Task input
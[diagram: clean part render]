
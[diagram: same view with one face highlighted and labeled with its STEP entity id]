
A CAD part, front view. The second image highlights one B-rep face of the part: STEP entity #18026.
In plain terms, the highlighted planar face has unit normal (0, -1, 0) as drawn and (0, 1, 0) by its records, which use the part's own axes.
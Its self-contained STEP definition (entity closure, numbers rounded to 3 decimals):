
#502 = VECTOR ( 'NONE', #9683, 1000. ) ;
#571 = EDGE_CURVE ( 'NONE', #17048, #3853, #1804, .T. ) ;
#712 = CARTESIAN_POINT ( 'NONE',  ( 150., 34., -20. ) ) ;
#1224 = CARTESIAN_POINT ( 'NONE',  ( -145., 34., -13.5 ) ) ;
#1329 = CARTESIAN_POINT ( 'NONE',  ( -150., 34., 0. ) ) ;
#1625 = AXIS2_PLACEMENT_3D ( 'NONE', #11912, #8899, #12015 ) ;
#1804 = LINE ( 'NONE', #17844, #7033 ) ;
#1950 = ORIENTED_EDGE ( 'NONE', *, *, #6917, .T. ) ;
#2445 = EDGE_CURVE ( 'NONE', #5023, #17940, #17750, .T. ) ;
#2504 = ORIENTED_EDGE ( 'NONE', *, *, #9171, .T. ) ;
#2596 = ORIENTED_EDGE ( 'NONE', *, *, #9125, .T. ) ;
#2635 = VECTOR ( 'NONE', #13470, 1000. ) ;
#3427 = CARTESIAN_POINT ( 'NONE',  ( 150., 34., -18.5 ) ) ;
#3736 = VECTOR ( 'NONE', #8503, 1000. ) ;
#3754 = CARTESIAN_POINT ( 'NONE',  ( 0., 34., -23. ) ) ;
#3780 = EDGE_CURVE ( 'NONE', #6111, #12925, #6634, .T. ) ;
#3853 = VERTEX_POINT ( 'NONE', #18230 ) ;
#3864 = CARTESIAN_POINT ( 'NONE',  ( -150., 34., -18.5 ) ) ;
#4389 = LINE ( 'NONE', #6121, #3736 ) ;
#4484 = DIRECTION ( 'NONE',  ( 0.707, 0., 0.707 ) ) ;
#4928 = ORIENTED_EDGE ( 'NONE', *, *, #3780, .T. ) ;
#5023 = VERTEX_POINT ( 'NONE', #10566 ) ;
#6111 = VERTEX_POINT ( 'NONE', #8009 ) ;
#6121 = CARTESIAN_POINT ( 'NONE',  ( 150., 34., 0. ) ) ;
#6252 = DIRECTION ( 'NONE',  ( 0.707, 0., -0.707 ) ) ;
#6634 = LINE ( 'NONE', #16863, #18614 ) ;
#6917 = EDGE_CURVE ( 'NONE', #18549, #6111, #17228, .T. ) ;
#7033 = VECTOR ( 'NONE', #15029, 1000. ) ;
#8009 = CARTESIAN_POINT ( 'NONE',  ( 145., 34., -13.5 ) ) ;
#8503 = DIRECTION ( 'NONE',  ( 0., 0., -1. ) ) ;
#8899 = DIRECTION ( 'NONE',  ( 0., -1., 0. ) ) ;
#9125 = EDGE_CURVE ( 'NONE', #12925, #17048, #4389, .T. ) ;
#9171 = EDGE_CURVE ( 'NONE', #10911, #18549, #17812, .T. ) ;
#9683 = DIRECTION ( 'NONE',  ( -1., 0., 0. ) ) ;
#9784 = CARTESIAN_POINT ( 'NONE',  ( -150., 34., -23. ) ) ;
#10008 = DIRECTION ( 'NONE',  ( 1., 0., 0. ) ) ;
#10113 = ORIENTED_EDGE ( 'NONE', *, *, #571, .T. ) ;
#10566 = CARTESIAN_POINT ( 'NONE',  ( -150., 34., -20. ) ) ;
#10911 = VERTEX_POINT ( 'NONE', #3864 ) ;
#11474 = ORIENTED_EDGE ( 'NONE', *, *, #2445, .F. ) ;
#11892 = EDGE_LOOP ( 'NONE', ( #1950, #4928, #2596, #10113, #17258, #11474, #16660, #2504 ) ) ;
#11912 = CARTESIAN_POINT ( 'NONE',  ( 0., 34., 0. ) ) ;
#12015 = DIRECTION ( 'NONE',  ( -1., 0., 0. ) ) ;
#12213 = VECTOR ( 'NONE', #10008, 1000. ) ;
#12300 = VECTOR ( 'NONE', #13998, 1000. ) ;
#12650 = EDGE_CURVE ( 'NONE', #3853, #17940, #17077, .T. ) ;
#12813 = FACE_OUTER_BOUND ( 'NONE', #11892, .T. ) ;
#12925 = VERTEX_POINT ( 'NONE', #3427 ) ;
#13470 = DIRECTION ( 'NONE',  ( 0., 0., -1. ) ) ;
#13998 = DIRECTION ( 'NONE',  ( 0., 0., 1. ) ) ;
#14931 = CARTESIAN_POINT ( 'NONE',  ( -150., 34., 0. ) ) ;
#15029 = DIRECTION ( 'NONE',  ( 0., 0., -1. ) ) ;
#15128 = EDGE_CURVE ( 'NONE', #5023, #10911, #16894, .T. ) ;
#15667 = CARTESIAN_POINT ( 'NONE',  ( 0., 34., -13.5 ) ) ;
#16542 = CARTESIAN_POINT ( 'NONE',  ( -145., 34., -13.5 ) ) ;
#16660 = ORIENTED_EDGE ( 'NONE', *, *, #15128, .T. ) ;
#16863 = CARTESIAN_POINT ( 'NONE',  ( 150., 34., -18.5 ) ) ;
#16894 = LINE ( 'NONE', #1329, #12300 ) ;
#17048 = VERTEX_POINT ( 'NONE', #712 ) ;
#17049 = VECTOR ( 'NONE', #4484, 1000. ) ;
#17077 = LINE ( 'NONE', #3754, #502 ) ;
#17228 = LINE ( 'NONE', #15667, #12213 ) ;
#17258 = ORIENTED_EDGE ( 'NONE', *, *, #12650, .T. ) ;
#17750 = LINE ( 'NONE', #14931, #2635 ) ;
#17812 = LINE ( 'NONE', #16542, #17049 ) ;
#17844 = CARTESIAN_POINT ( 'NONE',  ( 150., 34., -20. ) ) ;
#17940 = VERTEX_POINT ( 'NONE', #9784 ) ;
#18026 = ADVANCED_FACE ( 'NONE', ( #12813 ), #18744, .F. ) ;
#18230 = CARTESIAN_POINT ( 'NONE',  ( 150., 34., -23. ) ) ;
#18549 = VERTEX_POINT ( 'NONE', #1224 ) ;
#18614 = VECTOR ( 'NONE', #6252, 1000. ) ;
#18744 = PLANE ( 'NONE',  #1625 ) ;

Exercise directions
Take each line from the preceding material that contains "view" and copy it.

Written response
[diagram: same view with one face highlighted and labeled with its STEP entity id]
A CAD part, front view. The second image highlights one B-rep face of the part: STEP entity #18026.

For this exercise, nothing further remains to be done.